Exercise directions:
Check every line of the data for the string "styles" and copy the ones that have it.

------ Extracted material ------

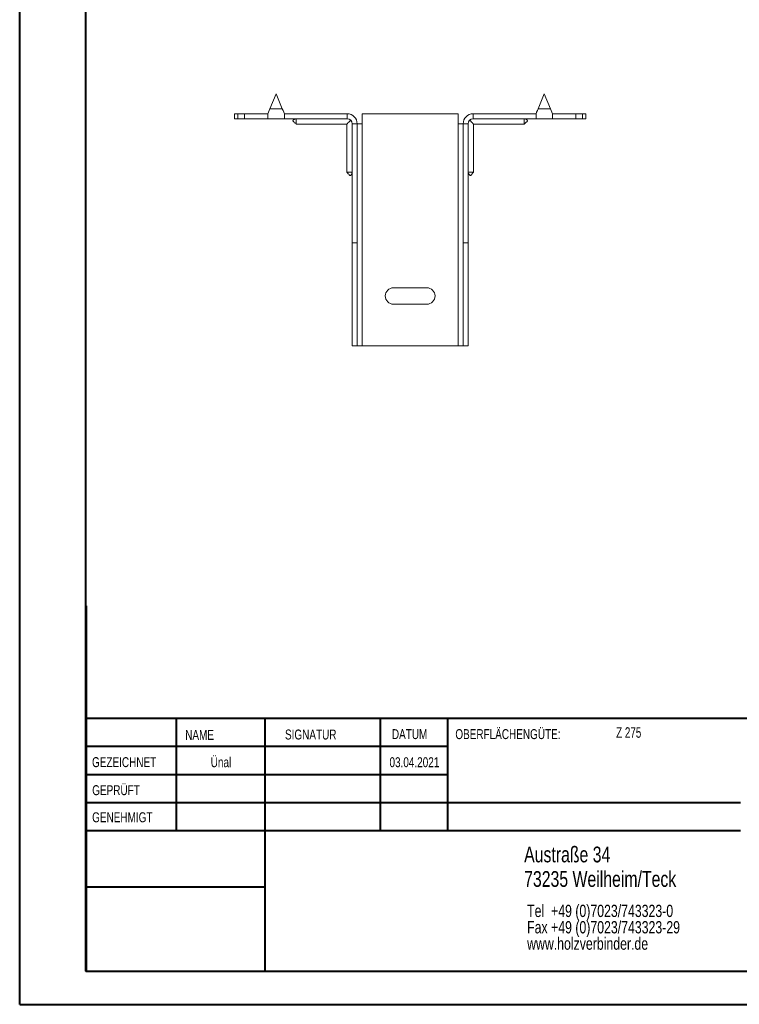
# Model space of a CAD drawing. Header units: millimetres. Extents: x 0 to 210, y 0 to 297.
# Tile 1 of 6: x 0 to 109, y 0 to 149. Entities that reach past the tile are written whole.
import ezdxf

# ---------------------------------------------------------------- set-up
doc = ezdxf.new("R2010")
doc.units = ezdxf.units.MM
doc.styles.add('SLDTEXTSTYLE0', font='TXT', dxfattribs={"width": 0.75})
doc.styles.add('SLDTEXTSTYLE2', font='TXT', dxfattribs={"width": 0.7})

# ---------------------------------------------------------------- blocks, each defined once
blk = doc.blocks.new('SW_NOTE_0')
at = {"color": 0, "linetype": 'Continuous', "lineweight": 0, "char_height": 1.8521, "attachment_point": 1, "style": 'SLDTEXTSTYLE0'}
for s, insert in [('Tel  +49 (0)7023/743323-0', (0, 2.39)), ('Fax +49 (0)7023/743323-29', (0, -0.08)), ('www.holzverbinder.de', (0, -2.55))]:
    blk.add_mtext(s, dxfattribs=dict(at, insert=insert))

msp = doc.modelspace()

# ---------------------------------------------------------------- linework, layer by layer
at = {"color": 7, "linetype": 'Continuous', "lineweight": 40}
for p, q in [((0.08, 0.21), (0.08, 297.21)), ((10.08, 5.21), (10.08, 292.21)), ((10.11, 60.37), (10.11, 5.12)), ((205.08, 43.37), (10.11, 43.37)), ((23.71, 43.37), (23.71, 26.37)), ((37.1, 43.37), (37.1, 5.12)), ((54.51, 43.37), (54.51, 26.37)), ((64.71, 26.37), (64.71, 43.37)), ((64.71, 39.1), (10.11, 39.1)), ((64.71, 34.87), (10.11, 34.87)), ((108.91, 30.62), (10.11, 30.62)), ((108.91, 26.37), (10.11, 26.37)), ((37.1, 17.87), (10.11, 17.87)), ((10.11, 13.71), (10.08, 13.71)), ((10.11, 9.46), (10.08, 9.46)), ((10.08, 5.21), (205.08, 5.21)), ((0.08, 0.21), (210.08, 0.21))]:
    msp.add_line(p, q, dxfattribs=at)
at = {"color": 7, "linetype": 'Continuous', "lineweight": 15}
for p, q in [((38.79, 137.61), (37.85, 135.36)), ((39.73, 135.36), (38.79, 137.61)), ((79.29, 137.61), (78.35, 135.36)), ((80.23, 135.36), (79.29, 137.61)), ((37.85, 135.36), (39.73, 135.36)), ((78.35, 135.36), (80.23, 135.36)), ((32.54, 134.61), (32.54, 133.86)), ((32.54, 134.61), (33.04, 134.61)), ((33.04, 133.86), (32.54, 133.86)), ((33.04, 134.61), (33.04, 133.86)), ((33.04, 134.61), (34.04, 134.61)), ((34.04, 133.86), (33.04, 133.86)), ((34.04, 133.86), (34.04, 134.61)), ((37.54, 134.61), (34.04, 134.61)), ((37.54, 133.86), (34.04, 133.86)), ((37.54, 134.61), (37.54, 133.86)), ((37.54, 133.86), (40.04, 133.86)), ((40.04, 133.86), (40.04, 134.61)), ((49.54, 134.61), (40.04, 134.61)), ((49.54, 133.86), (40.04, 133.86)), ((49.54, 133.86), (49.54, 134.61)), ((51.79, 133.11), (51.79, 134.61)), ((66.29, 134.61), (51.79, 134.61)), ((66.29, 134.61), (66.29, 133.11)), ((68.54, 133.86), (68.54, 134.61)), ((68.54, 134.61), (78.04, 134.61)), ((68.54, 133.86), (78.04, 133.86)), ((78.04, 134.61), (78.04, 133.86)), ((78.04, 133.86), (80.54, 133.86)), ((80.54, 133.86), (80.54, 134.61)), ((80.54, 134.61), (84.04, 134.61)), ((80.54, 133.86), (84.04, 133.86)), ((84.04, 133.86), (84.04, 134.61)), ((84.04, 134.61), (85.04, 134.61)), ((85.04, 133.86), (84.04, 133.86)), ((85.04, 133.86), (85.04, 134.61)), ((85.04, 134.61), (85.54, 134.61)), ((85.54, 133.86), (85.04, 133.86)), ((85.54, 133.86), (85.54, 134.61)), ((41.84, 133.06), (49.49, 133.06)), ((49.49, 133.06), (49.49, 125.79)), ((50.29, 133.11), (51.04, 133.11)), ((50.29, 115.11), (50.29, 133.11)), ((51.04, 115.11), (51.04, 133.11)), ((51.04, 133.11), (51.79, 133.11)), ((51.79, 99.61), (51.79, 133.11)), ((66.29, 133.11), (66.29, 99.61)), ((66.29, 133.11), (67.04, 133.11)), ((67.79, 133.11), (67.04, 133.11)), ((67.04, 115.11), (67.04, 133.11)), ((67.79, 115.11), (67.79, 133.11)), ((68.59, 133.06), (76.24, 133.06)), ((68.59, 125.79), (68.59, 133.06)), ((51.04, 115.11), (50.29, 115.11)), ((50.29, 99.61), (50.29, 115.11)), ((51.04, 99.61), (51.04, 115.11)), ((67.04, 115.11), (67.79, 115.11)), ((67.04, 99.61), (67.04, 115.11)), ((67.79, 99.61), (67.79, 115.11)), ((61.54, 108.36), (56.54, 108.36)), ((56.54, 105.86), (61.54, 105.86)), ((51.04, 99.61), (50.29, 99.61)), ((51.04, 99.61), (51.79, 99.61)), ((51.79, 99.61), (66.29, 99.61)), ((66.29, 99.61), (67.04, 99.61)), ((67.04, 99.61), (67.79, 99.61))]:
    msp.add_line(p, q, dxfattribs=at)
at = {"color": 7, "linetype": 'Continuous', "lineweight": 0}
for p, q in [((64.71, 39.12), (10.11, 39.12)), ((23.71, 5.21), (23.71, 5.12)), ((54.51, 5.21), (54.51, 5.12))]:
    msp.add_line(p, q, dxfattribs=at)
at = {"color": 7, "linetype": 'Continuous', "lineweight": 15, "flags": 128}
for points in [[(37.85, 135.36), (37.75, 135.1), (37.64, 134.85), (37.54, 134.61)], [(40.04, 134.61), (39.94, 134.85), (39.84, 135.1), (39.73, 135.36)], [(78.35, 135.36), (78.25, 135.1), (78.14, 134.85), (78.04, 134.61)], [(80.54, 134.61), (80.44, 134.85), (80.34, 135.1), (80.23, 135.36)], [(49.49, 133.06), (49.51, 133.08), (49.56, 133.13), (49.65, 133.22), (49.76, 133.33), (49.91, 133.47), (50.07, 133.64)], [(68.01, 133.64), (68.18, 133.47), (68.32, 133.33), (68.44, 133.22), (68.52, 133.13), (68.57, 133.08), (68.59, 133.06)]]:
    msp.add_lwpolyline(points, dxfattribs=at)
at = {"color": 7, "linetype": 'Continuous', "lineweight": 15}
for centre, radius, start, end in [((49.54, 133.11), 1.5, 0, 90), ((49.54, 133.11), 0.75, 0, 90), ((68.54, 133.11), 1.5, 90, 180), ((68.54, 133.11), 0.75, 90, 180), ((56.54, 107.11), 1.25, 90, 270), ((61.54, 107.11), 1.25, 270, 90)]:
    msp.add_arc(centre, radius, start, end, dxfattribs=at)
for points, knots in [([(41.84, 133.86), (41.72, 133.82), (41.56, 133.76), (41.39, 133.65), (41.35, 133.59), (41.34, 133.56), (41.34, 133.52), (41.36, 133.47), (41.42, 133.4), (41.6, 133.27), (41.75, 133.14), (41.85, 133.05)], [0, 0, 0, 0, 0.2855, 0.392614, 0.433607, 0.452355, 0.471039, 0.511905, 0.562271, 0.695298, 1, 1, 1, 1]), ([(41.84, 133.86), (41.84, 133.78), (41.84, 133.59), (41.84, 133.32), (41.84, 133.13), (41.84, 133.05), (41.84, 133.07), (41.84, 133.07)], [0, 0, 0, 0, 0.176998, 0.437531, 0.69807, 0.958617, 1, 1, 1, 1]), ([(76.24, 133.05), (76.32, 133.13), (76.45, 133.24), (76.63, 133.37), (76.72, 133.45), (76.74, 133.52), (76.74, 133.56), (76.73, 133.59), (76.71, 133.63), (76.56, 133.76), (76.39, 133.81), (76.24, 133.86)], [0, 0, 0, 0, 0.2567331, 0.3869506, 0.4891749, 0.5287721, 0.5473173, 0.5662052, 0.6086748, 0.6622142, 1, 1, 1, 1]), ([(76.24, 133.86), (76.24, 133.78), (76.24, 133.59), (76.24, 133.32), (76.24, 133.13), (76.24, 133.05), (76.24, 133.07), (76.24, 133.07)], [0, 0, 0, 0, 0.176998, 0.437531, 0.69807, 0.958617, 1, 1, 1, 1]), ([(49.48, 125.8), (49.56, 125.72), (49.67, 125.59), (49.8, 125.41), (49.88, 125.32), (49.95, 125.29), (49.99, 125.29), (50.02, 125.3), (50.07, 125.33), (50.19, 125.48), (50.24, 125.65), (50.29, 125.79)], [0, 0, 0, 0, 0.256731, 0.386951, 0.489173, 0.528771, 0.547317, 0.566204, 0.608673, 0.662214, 1, 1, 1, 1]), ([(49.5, 125.79), (49.51, 125.79), (49.52, 125.79), (49.68, 125.79), (49.9, 125.79), (50.11, 125.79), (50.23, 125.79), (50.29, 125.79)], [0, 0, 0, 0, 0.21778, 0.478082, 0.738381, 0.867315, 1, 1, 1, 1]), ([(67.79, 125.79), (67.83, 125.67), (67.89, 125.51), (68, 125.34), (68.06, 125.3), (68.09, 125.29), (68.13, 125.29), (68.18, 125.31), (68.26, 125.37), (68.39, 125.55), (68.51, 125.7), (68.6, 125.8)], [0, 0, 0, 0, 0.285501, 0.392615, 0.433608, 0.452355, 0.47104, 0.511905, 0.562272, 0.6953, 1, 1, 1, 1]), ([(68.58, 125.79), (68.58, 125.79), (68.57, 125.79), (68.4, 125.79), (68.18, 125.79), (67.97, 125.79), (67.85, 125.79), (67.79, 125.79)], [0, 0, 0, 0, 0.21778, 0.478082, 0.738381, 0.867315, 1, 1, 1, 1])]:
    msp.add_open_spline(points, degree=3, knots=knots, dxfattribs=at)

# ---------------------------------------------------------------- block references
at = {"color": 7, "linetype": 'Continuous', "lineweight": 0}
msp.add_blockref('SW_NOTE_0', (76.7, 12.85), dxfattribs=at)

# ---------------------------------------------------------------- texts
for s, insert, char_height, attachment_point, style in [('NAME', (25.07, 41.62), 1.5, 1, 'SLDTEXTSTYLE0'), ('SIGNATUR', (40.14, 41.68), 1.5, 1, 'SLDTEXTSTYLE0'), ('DATUM', (56.28, 41.74), 1.5, 1, 'SLDTEXTSTYLE0'), ('OBERFLÄCHENGÜTE:', (65.86, 41.74), 1.5, 1, 'SLDTEXTSTYLE0'), ('Z 275', (90.14, 42.03), 1.587, 1, 'SLDTEXTSTYLE2'), ('GEZEICHNET', (11, 37.51), 1.5, 1, 'SLDTEXTSTYLE0'), ('Ünal', (30.47, 37.5), 1.499, 2, 'SLDTEXTSTYLE0'), ('03.04.2021', (59.68, 37.5), 1.499, 2, 'SLDTEXTSTYLE0'), ('GEPRÜFT', (11.03, 33.28), 1.5, 1, 'SLDTEXTSTYLE0'), ('GENEHMIGT', (11.02, 29.19), 1.5, 1, 'SLDTEXTSTYLE0'), ('Austraße 34', (76.25, 24.02), 2.3813, 1, 'SLDTEXTSTYLE0'), ('73235 Weilheim/Teck', (76.25, 20.32), 2.3813, 1, 'SLDTEXTSTYLE0')]:
    msp.add_mtext(s, dxfattribs=dict(at, insert=insert, char_height=char_height, attachment_point=attachment_point, style=style))

doc.saveas('drawing.dxf')

------

Exercise output:
doc.styles.add('SLDTEXTSTYLE0', font='TXT', dxfattribs={"width": 0.75})
doc.styles.add('SLDTEXTSTYLE2', font='TXT', dxfattribs={"width": 0.7})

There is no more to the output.